If you pass node config dicts to add_node, spread them:

# Before
ring.add_node("server-A", {"weight": 2, "hostname": "a.example.com", "port": 8080})

# After
ring.add_node("server-A", **{"weight": 2, "hostname": "a.example.com", "port": 8080})
# Or just write the kwargs explicitly.

API parity

What matches

Method Behavior
add_node(name, ...) Add a node with optional metadata.
remove_node(name) Remove a node.
get_node(key) Routing lookup for a single key.
get_node_weight(name) Weight of a registered node.
get_node_hostname(name) Hostname stored at add time.
get_node_port(name) Port stored at add time.
get_node_instance(name) Instance object stored at add time.
nodes Dict of name → metadata.
name in ring Membership check.
ring[key] Subscript lookup (raises on empty).
len(ring) Node count.
pickle.dumps(ring) State round-trip.

What fastring adds

Method Why it's useful
get_node_batch(keys) Look up many keys in one FFI crossing; releases the GIL for the Rust work.
get_replicas(key, count) N distinct owners walking clockwise; replaces uhashring's iterate_nodes(distinct=True) pattern.
for name in ring Direct iteration over registered node names.

What's not implemented

uhashring exposes diagnostic and internal methods (print_continuum, distribution, range, get_node_pos, get_key, iterate_nodes, get_points, etc.) that fastring does not. If you're relying on these, fastring is not a drop-in replacement for your use case. Open an issue if any of them block you.

Performance

Apple Silicon, 100 nodes, 1000 keys per batch, CPython 3.14.

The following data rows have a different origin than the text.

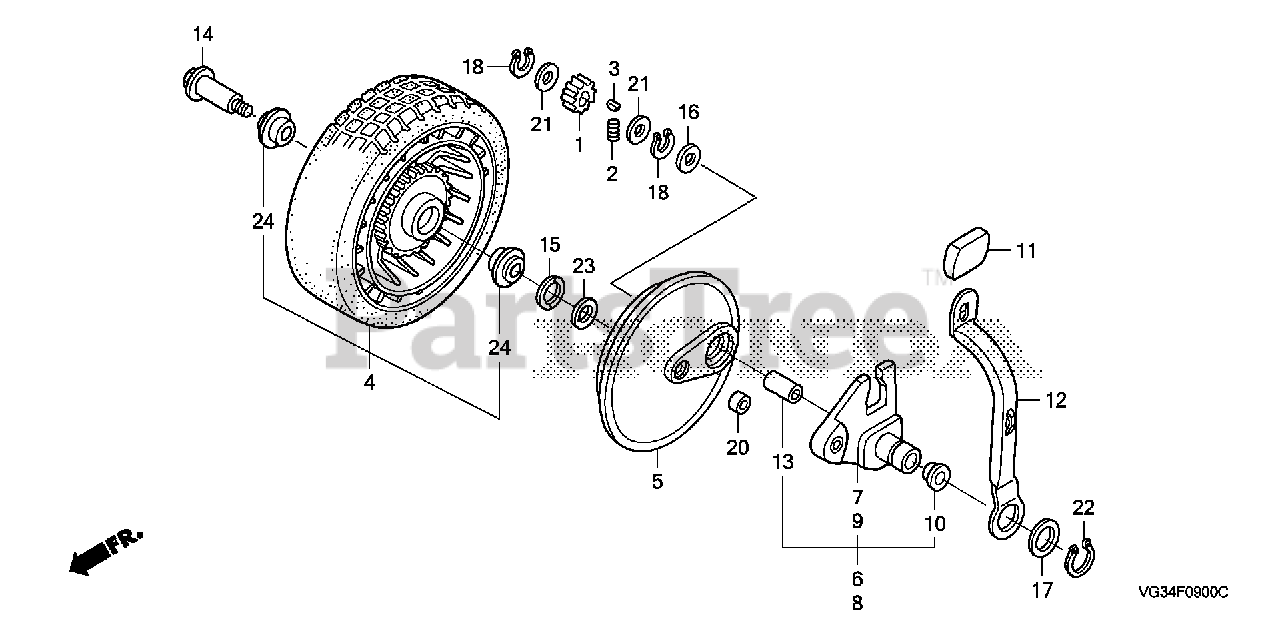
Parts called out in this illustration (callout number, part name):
1	GEAR, PINION (12T)
2	SPRING, RATCHET RETURN
3	KEY, RATCHET
4	WHEEL, RR. *NH164* (GRIP GRAY)
4	WHEEL, RR. *NH164*
6	ARM, R. RR. ADJUSTING
7	ARM, R. RR. ADJUSTER
8	ARM, L. RR. ADJUSTING
9	ARM, L. RR. ADJUSTER
10	DUST SEAL (12.7MM)
11	GRIP, ADJUSTER *NH105* (MAT BLACK)
12	PLATE, RR. ADJUSTER
13	BUSH, DRIVESHAFT
14	BOLT, RR. WHEEL SHAFT
15	WASHER, WHEEL
16	WASHER, THRUST (13MM)
17	WASHER, FLAT (26X44)
18	CIRCLIP (OUTER) (12.7MM)
20	COLLAR, THRUST
21	COLLAR, PINION GEAR
22	CIRCLIP (OUTER) (25MM)
23	WASHER, THRUST (13X27X1)
24	BEARING, WHEEL

Operation fastring uhashring 2.4 Speedup
get_node (single call) 72 ns 564 ns 7.8×
get_node (Python loop) 105 ns 645 ns 6.1×
get_node_batch (per key) 54 ns (no API) 12.3×
add + remove (per pair) 46 µs 3,610 µs 79×

Free-threaded 3.14t adds roughly 30 ns per call (PyO3 borrow check overhead); batched operations are essentially unchanged.

Benchmarks are reproducible from benches/python_compare.py.